Mich überrascht die Frage ein bisschen, weil ich immer gesagt habe, dass ich einen Privatlaptop besitze. Es ist ein Laptop, den meine Frau und ich gemeinsam nutzen und den ich meiner Frau geschenkt habe. Aber dienstlich verwende ich keinen zum Arbeiten, sondern nur das Handy.

Werden Sie den Strafakt offenlegen, um mehr Transparenz in die Causa zu bringen?

Alles, was ich zur Transparenz beitragen kann, werde ich sehr gerne machen. Aber ich bin juristisch nicht so bewandert, um zu wissen, was man alles vorlegen darf und was nicht. Aber alles, was ich darf, werde ich gerne offenlegen.

Es gibt Rücktrittsaufforderungen gegen Sie, Karl Nehammer und Margarete Schramböck. War das eine schwarze Woche für Türkis?

Man könnte auch sagen, dass die Rücktrittsaufforderungen offensichtlich inflationär verwendet werden.

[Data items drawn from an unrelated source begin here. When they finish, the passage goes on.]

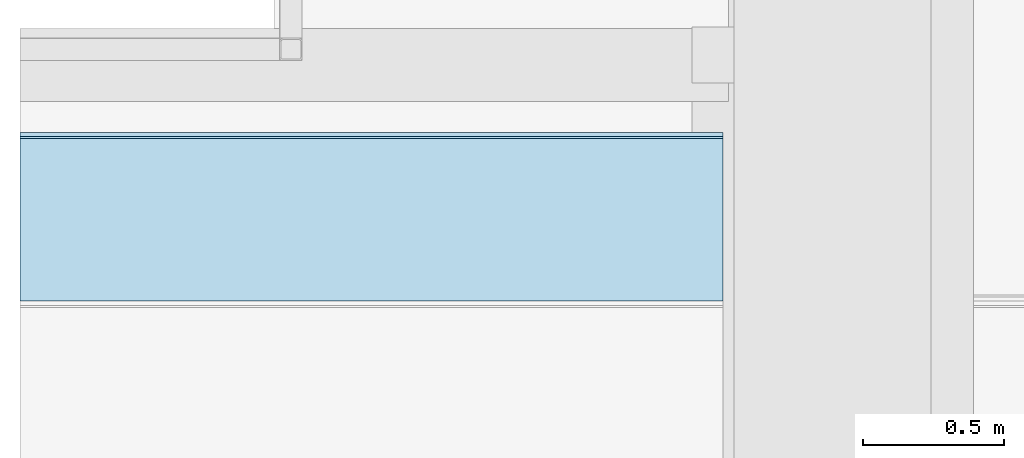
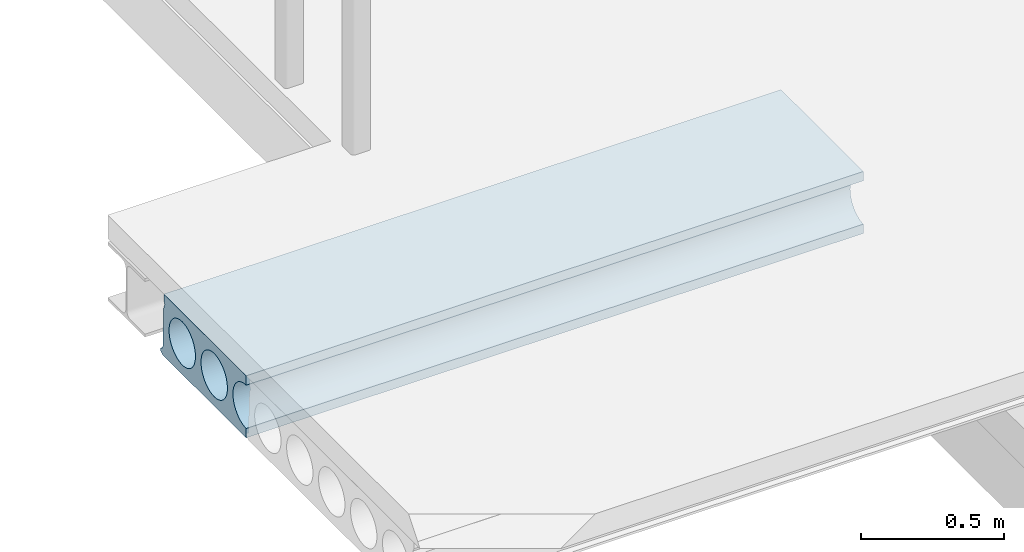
# One storey, part 31 of 34: 1 slab.
"""IFC2X3 building model written with IfcOpenShell, lengths in millimetres."""

from ifc_helpers import new_model, entity, si_unit, converted_unit, derived_unit, direction, frame, origin_with_axes, place, context, subcontext, project, spatial, faceted_brep, type_object, element, save


model = new_model("IFC2X3")

# Units and contexts
model_context = context("Model", 3, precision=0.01, world=frame((0.0, 4.29681676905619e-09, 0.0)), true_north=direction((4.01073788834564e-13, 1.0)))
plan_context = context("Plan", 3, precision=0.01, world=frame((0.0, 4.29681676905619e-09, 0.0)), true_north=direction((4.01073788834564e-13, 1.0)))
body_context = subcontext(model_context, "Body", "Model", "MODEL_VIEW")
ifc_project = project(units=[converted_unit("PLANEANGLEUNIT", "DEGREE", entity("IfcPositiveLengthMeasure", 0.0174532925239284), si_unit("PLANEANGLEUNIT", "RADIAN"), dimensions=[0, 0, 0, 0, 0, 0, 0]), si_unit("AREAUNIT", "SQUARE_METRE"), si_unit("LENGTHUNIT", "METRE", prefix="MILLI"), si_unit("MASSUNIT", "GRAM", prefix="KILO"), si_unit("POWERUNIT", "WATT"), si_unit("PRESSUREUNIT", "PASCAL"), si_unit("FORCEUNIT", "NEWTON", prefix="KILO"), si_unit("ELECTRICVOLTAGEUNIT", "VOLT"), si_unit("ELECTRICCURRENTUNIT", "AMPERE"), si_unit("THERMODYNAMICTEMPERATUREUNIT", "DEGREE_CELSIUS"), si_unit("TIMEUNIT", "SECOND"), si_unit("VOLUMEUNIT", "CUBIC_METRE"), derived_unit("LINEARVELOCITYUNIT", [(si_unit("LENGTHUNIT", "METRE"), 1), (si_unit("TIMEUNIT", "SECOND"), -1)]), derived_unit("VOLUMETRICFLOWRATEUNIT", [(si_unit("VOLUMEUNIT", "CUBIC_METRE"), 1), (si_unit("TIMEUNIT", "SECOND"), -1)]), derived_unit("THERMALTRANSMITTANCEUNIT", [(si_unit("POWERUNIT", "WATT"), 1), (si_unit("THERMODYNAMICTEMPERATUREUNIT", "KELVIN"), -1), (si_unit("AREAUNIT", "SQUARE_METRE"), -1)]), derived_unit("SOUNDPRESSUREUNIT", [(si_unit("PRESSUREUNIT", "PASCAL"), 1)])], contexts=[model_context, plan_context])

# Site, building, storey
site_placement = place(None, frame((0.0, -4.29681676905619e-09, 0.0), z_axis=(0.0, 0.0, 1.0), x_axis=(1.0, 0.0, 0.0)))
site = spatial("IfcSite", under=ifc_project, at=site_placement, Name="Gardermoen", CompositionType="ELEMENT")
building_placement = place(site_placement, frame((0.0, 4.29681676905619e-09, 0.0), z_axis=(0.0, 0.0, 1.0), x_axis=(1.0, 0.0, 0.0)))
building = spatial("IfcBuilding", under=site, at=building_placement, Name="TH", CompositionType="ELEMENT")
storey_placement = place(building_placement, origin_with_axes())
storey = spatial("IfcBuildingStorey", under=building, at=storey_placement, Name="F", CompositionType="ELEMENT", Elevation=0.0)

# Slab
slab_type = type_object("IfcSlabType", Name="HD265", PredefinedType="NOTDEFINED")
slab_placement = place(storey_placement, frame((889389.982554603, 477499.97987603, 209897.5), z_axis=(0.0, 0.0, 1.0), x_axis=(1.0, 0.0, 0.0)))
element("IfcSlab", 1, at=slab_placement, inside=storey, type_object=slab_type, Name="HULLDEKKE", ObjectType="HD265", PredefinedType="FLOOR", context=body_context, shape_type="Brep", body=[
    faceted_brep([(5721.92361396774, 539.238420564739, 15.2249996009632), (5721.92361396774, 537.669524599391, 22.7074075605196), (8220.0, 537.669524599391, 22.7074075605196), (8220.0, 539.238420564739, 15.2249996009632), (5721.92361396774, 535.488094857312, 30.0347009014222), (8220.0, 535.488094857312, 30.0347009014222), (5721.92361396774, 532.709032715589, 37.1568267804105), (8220.0, 532.709032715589, 37.1568267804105), (5721.92361396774, 529.351321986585, 44.0251338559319), (8220.0, 529.351321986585, 44.0251338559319), (5721.92361396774, 525.437899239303, 50.5927046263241), (8220.0, 525.437899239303, 50.5927046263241), (5721.92361396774, 520.995497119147, 56.8146759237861), (8220.0, 520.995497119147, 56.8146759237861), (5721.92361396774, 516.05446173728, 62.6485453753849), (8220.0, 516.05446173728, 62.6485453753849), (5721.92361396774, 510.648545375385, 68.0544617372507), (8220.0, 510.648545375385, 68.0544617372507), (5721.92361396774, 504.814675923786, 72.9954971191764), (8220.0, 504.814675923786, 72.9954971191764), (5721.92361396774, 498.592704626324, 77.437899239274), (8220.0, 498.592704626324, 77.437899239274), (5721.92361396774, 492.025133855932, 81.3513219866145), (8220.0, 492.025133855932, 81.3513219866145), (5721.92361396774, 485.15682678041, 84.7090327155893), (8220.0, 485.15682678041, 84.7090327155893), (5721.92361396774, 478.034700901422, 87.4880948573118), (8220.0, 478.034700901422, 87.4880948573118), (5721.92361396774, 470.707407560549, 89.6695245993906), (8220.0, 470.707407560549, 89.6695245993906), (5721.92361396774, 463.224999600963, 91.2384205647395), (8220.0, 463.224999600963, 91.2384205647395), (5721.92361396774, 455.638589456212, 92.1840656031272), (8220.0, 455.638589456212, 92.1840656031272), (5721.92361396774, 448.0, 92.5), (8220.0, 448.0, 92.5), (5721.92361396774, 440.361410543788, 92.1840656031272), (8220.0, 440.361410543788, 92.1840656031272), (5721.92361396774, 432.775000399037, 91.2384205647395), (8220.0, 432.775000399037, 91.2384205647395), (5721.92361396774, 425.292592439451, 89.6695245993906), (8220.0, 425.292592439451, 89.6695245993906), (5721.92361396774, 417.965299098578, 87.4880948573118), (8220.0, 417.965299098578, 87.4880948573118), (5721.92361396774, 410.84317321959, 84.7090327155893), (8220.0, 410.84317321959, 84.7090327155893), (5721.92361396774, 403.974866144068, 81.3513219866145), (8220.0, 403.974866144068, 81.3513219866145), (5721.92361396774, 397.407295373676, 77.437899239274), (8220.0, 397.407295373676, 77.437899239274), (5721.92361396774, 391.185324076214, 72.9954971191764), (8220.0, 391.185324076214, 72.9954971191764), (5721.92361396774, 385.351454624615, 68.0544617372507), (8220.0, 385.351454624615, 68.0544617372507), (5721.92361396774, 379.94553826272, 62.6485453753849), (8220.0, 379.94553826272, 62.6485453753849), (5721.92361396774, 375.004502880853, 56.8146759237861), (8220.0, 375.004502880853, 56.8146759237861), (5721.92361396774, 370.562100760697, 50.5927046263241), (8220.0, 370.562100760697, 50.5927046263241), (5721.92361396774, 366.648678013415, 44.0251338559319), (8220.0, 366.648678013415, 44.0251338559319), (5721.92361396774, 363.290967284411, 37.1568267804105), (8220.0, 363.290967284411, 37.1568267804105), (5721.92361396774, 360.511905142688, 30.0347009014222), (8220.0, 360.511905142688, 30.0347009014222), (5721.92361396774, 358.330475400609, 22.7074075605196), (8220.0, 358.330475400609, 22.7074075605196), (5721.92361396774, 356.761579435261, 15.2249996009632), (8220.0, 356.761579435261, 15.2249996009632), (5721.92361396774, 355.815934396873, 7.63858945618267), (8220.0, 355.815934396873, 7.63858945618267), (5721.92361396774, 355.5, 1.65308828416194e-20), (8220.0, 355.5, 0.0), (5721.92361396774, 355.815934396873, -7.63858945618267), (8220.0, 355.815934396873, -7.63858945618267), (5721.92361396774, 356.761579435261, -15.2249996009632), (8220.0, 356.761579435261, -15.2249996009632), (5721.92361396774, 358.330475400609, -22.7074075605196), (8220.0, 358.330475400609, -22.7074075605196), (5721.92361396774, 360.511905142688, -30.0347009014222), (8220.0, 360.511905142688, -30.0347009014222), (5721.92361396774, 363.290967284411, -37.1568267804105), (8220.0, 363.290967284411, -37.1568267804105), (5721.92361396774, 366.648678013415, -44.0251338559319), (8220.0, 366.648678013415, -44.0251338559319), (5721.92361396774, 370.562100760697, -50.5927046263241), (8220.0, 370.562100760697, -50.5927046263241), (5721.92361396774, 375.004502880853, -56.8146759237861), (8220.0, 375.004502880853, -56.8146759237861), (5721.92361396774, 379.94553826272, -62.6485453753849), (8220.0, 379.94553826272, -62.6485453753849), (5721.92361396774, 385.351454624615, -68.0544617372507), (8220.0, 385.351454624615, -68.0544617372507), (5721.92361396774, 391.185324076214, -72.9954971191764), (8220.0, 391.185324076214, -72.9954971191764), (5721.92361396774, 397.407295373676, -77.437899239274), (8220.0, 397.407295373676, -77.437899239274), (5721.92361396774, 403.974866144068, -81.3513219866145), (8220.0, 403.974866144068, -81.3513219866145), (5721.92361396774, 410.84317321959, -84.7090327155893), (8220.0, 410.84317321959, -84.7090327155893), (5721.92361396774, 417.965299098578, -87.4880948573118), (8220.0, 417.965299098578, -87.4880948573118), (5721.92361396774, 425.292592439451, -89.6695245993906), (8220.0, 425.292592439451, -89.6695245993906), (5721.92361396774, 432.775000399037, -91.2384205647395), (8220.0, 432.775000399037, -91.2384205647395), (5721.92361396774, 440.361410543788, -92.1840656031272), (8220.0, 440.361410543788, -92.1840656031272), (5721.92361396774, 448.0, -92.5), (8220.0, 448.0, -92.5), (5721.92361396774, 455.638589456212, -92.1840656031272), (8220.0, 455.638589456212, -92.1840656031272), (5721.92361396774, 463.224999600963, -91.2384205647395), (8220.0, 463.224999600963, -91.2384205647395), (5721.92361396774, 470.707407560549, -89.6695245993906), (8220.0, 470.707407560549, -89.6695245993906), (5721.92361396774, 478.034700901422, -87.4880948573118), (8220.0, 478.034700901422, -87.4880948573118), (5721.92361396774, 485.15682678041, -84.7090327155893), (8220.0, 485.15682678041, -84.7090327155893), (5721.92361396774, 492.025133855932, -81.3513219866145), (8220.0, 492.025133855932, -81.3513219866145), (5721.92361396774, 498.592704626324, -77.437899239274), (8220.0, 498.592704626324, -77.437899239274), (5721.92361396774, 504.814675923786, -72.9954971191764), (8220.0, 504.814675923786, -72.9954971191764), (5721.92361396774, 510.648545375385, -68.0544617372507), (8220.0, 510.648545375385, -68.0544617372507), (5721.92361396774, 516.05446173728, -62.6485453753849), (8220.0, 516.05446173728, -62.6485453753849), (5721.92361396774, 520.995497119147, -56.8146759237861), (8220.0, 520.995497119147, -56.8146759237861), (5721.92361396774, 525.437899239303, -50.5927046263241), (8220.0, 525.437899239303, -50.5927046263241), (5721.92361396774, 529.351321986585, -44.0251338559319), (8220.0, 529.351321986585, -44.0251338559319), (5721.92361396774, 532.709032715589, -37.1568267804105), (8220.0, 532.709032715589, -37.1568267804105), (5721.92361396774, 535.488094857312, -30.0347009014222), (8220.0, 535.488094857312, -30.0347009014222), (5721.92361396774, 537.669524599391, -22.7074075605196), (8220.0, 537.669524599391, -22.7074075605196), (5721.92361396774, 539.238420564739, -15.2249996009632), (8220.0, 539.238420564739, -15.2249996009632), (5721.92361396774, 540.184065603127, -7.63858945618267), (8220.0, 540.184065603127, -7.63858945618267), (5721.92361396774, 540.5, 1.65308828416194e-20), (8220.0, 540.5, 0.0), (5721.92361396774, 540.184065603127, 7.63858945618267), (8220.0, 540.184065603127, 7.63858945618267), (5721.92361396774, 315.238420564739, 15.2249996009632), (5721.92361396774, 313.669524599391, 22.7074075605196), (8220.0, 313.669524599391, 22.7074075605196), (8220.0, 315.238420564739, 15.2249996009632), (5721.92361396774, 311.488094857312, 30.0347009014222), (8220.0, 311.488094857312, 30.0347009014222), (5721.92361396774, 308.709032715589, 37.1568267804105), (8220.0, 308.709032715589, 37.1568267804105), (5721.92361396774, 305.351321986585, 44.0251338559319), (8220.0, 305.351321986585, 44.0251338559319), (5721.92361396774, 301.437899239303, 50.5927046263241), (8220.0, 301.437899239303, 50.5927046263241), (5721.92361396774, 296.995497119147, 56.8146759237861), (8220.0, 296.995497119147, 56.8146759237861), (5721.92361396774, 292.05446173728, 62.6485453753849), (8220.0, 292.05446173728, 62.6485453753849), (5721.92361396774, 286.648545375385, 68.0544617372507), (8220.0, 286.648545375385, 68.0544617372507), (5721.92361396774, 280.814675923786, 72.9954971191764), (8220.0, 280.814675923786, 72.9954971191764), (5721.92361396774, 274.592704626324, 77.437899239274), (8220.0, 274.592704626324, 77.437899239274), (5721.92361396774, 268.025133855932, 81.3513219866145), (8220.0, 268.025133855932, 81.3513219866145), (5721.92361396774, 261.15682678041, 84.7090327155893), (8220.0, 261.15682678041, 84.7090327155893), (5721.92361396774, 254.034700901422, 87.4880948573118), (8220.0, 254.034700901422, 87.4880948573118), (5721.92361396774, 246.707407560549, 89.6695245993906), (8220.0, 246.707407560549, 89.6695245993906), (5721.92361396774, 239.224999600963, 91.2384205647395), (8220.0, 239.224999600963, 91.2384205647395), (5721.92361396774, 231.638589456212, 92.1840656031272), (8220.0, 231.638589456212, 92.1840656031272), (5721.92361396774, 224.0, 92.5), (8220.0, 224.0, 92.5), (5721.92361396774, 216.361410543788, 92.1840656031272), (8220.0, 216.361410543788, 92.1840656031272), (5721.92361396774, 208.775000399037, 91.2384205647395), (8220.0, 208.775000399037, 91.2384205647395), (5721.92361396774, 201.292592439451, 89.6695245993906), (8220.0, 201.292592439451, 89.6695245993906), (5721.92361396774, 193.965299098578, 87.4880948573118), (8220.0, 193.965299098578, 87.4880948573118), (5721.92361396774, 186.84317321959, 84.7090327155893), (8220.0, 186.84317321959, 84.7090327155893), (5721.92361396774, 179.974866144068, 81.3513219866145), (8220.0, 179.974866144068, 81.3513219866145), (5721.92361396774, 173.407295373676, 77.437899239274), (8220.0, 173.407295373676, 77.437899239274), (5721.92361396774, 167.185324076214, 72.9954971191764), (8220.0, 167.185324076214, 72.9954971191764), (5721.92361396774, 161.351454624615, 68.0544617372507), (8220.0, 161.351454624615, 68.0544617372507), (5721.92361396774, 155.94553826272, 62.6485453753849), (8220.0, 155.94553826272, 62.6485453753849), (5721.92361396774, 151.004502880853, 56.8146759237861), (8220.0, 151.004502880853, 56.8146759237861), (5721.92361396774, 146.562100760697, 50.5927046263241), (8220.0, 146.562100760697, 50.5927046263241), (5721.92361396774, 142.648678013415, 44.0251338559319), (8220.0, 142.648678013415, 44.0251338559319), (5721.92361396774, 139.290967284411, 37.1568267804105), (8220.0, 139.290967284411, 37.1568267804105), (5721.92361396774, 136.511905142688, 30.0347009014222), (8220.0, 136.511905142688, 30.0347009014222), (5721.92361396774, 134.330475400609, 22.7074075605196), (8220.0, 134.330475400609, 22.7074075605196), (5721.92361396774, 132.761579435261, 15.2249996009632), (8220.0, 132.761579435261, 15.2249996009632), (5721.92361396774, 131.815934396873, 7.63858945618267), (8220.0, 131.815934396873, 7.63858945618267), (5721.92361396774, 131.5, 1.65308828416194e-20), (8220.0, 131.5, 0.0), (5721.92361396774, 131.815934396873, -7.63858945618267), (8220.0, 131.815934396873, -7.63858945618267), (5721.92361396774, 132.761579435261, -15.2249996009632), (8220.0, 132.761579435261, -15.2249996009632), (5721.92361396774, 134.330475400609, -22.7074075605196), (8220.0, 134.330475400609, -22.7074075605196), (5721.92361396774, 136.511905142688, -30.0347009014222), (8220.0, 136.511905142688, -30.0347009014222), (5721.92361396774, 139.290967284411, -37.1568267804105), (8220.0, 139.290967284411, -37.1568267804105), (5721.92361396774, 142.648678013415, -44.0251338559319), (8220.0, 142.648678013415, -44.0251338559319), (5721.92361396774, 146.562100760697, -50.5927046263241), (8220.0, 146.562100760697, -50.5927046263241), (5721.92361396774, 151.004502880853, -56.8146759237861), (8220.0, 151.004502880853, -56.8146759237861), (5721.92361396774, 155.94553826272, -62.6485453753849), (8220.0, 155.94553826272, -62.6485453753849), (5721.92361396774, 161.351454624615, -68.0544617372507), (8220.0, 161.351454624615, -68.0544617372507), (5721.92361396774, 167.185324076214, -72.9954971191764), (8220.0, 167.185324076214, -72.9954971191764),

Die Spenden im Jahr 2017 waren ein wichtiger Bestandteil des Wahlkampfs. Wäre es nicht besser gewesen, darauf zu verzichten, weil die ÖVP nun permanent Unterstellungen ausgesetzt ist, dass Gesetzeskauf im Spiel ist?

Das glaube ich nicht, weil die Opposition sich dann sicher ein anderes Thema zum Verbeißen findet. Insofern glaube ich nicht, dass es falsch gewesen ist.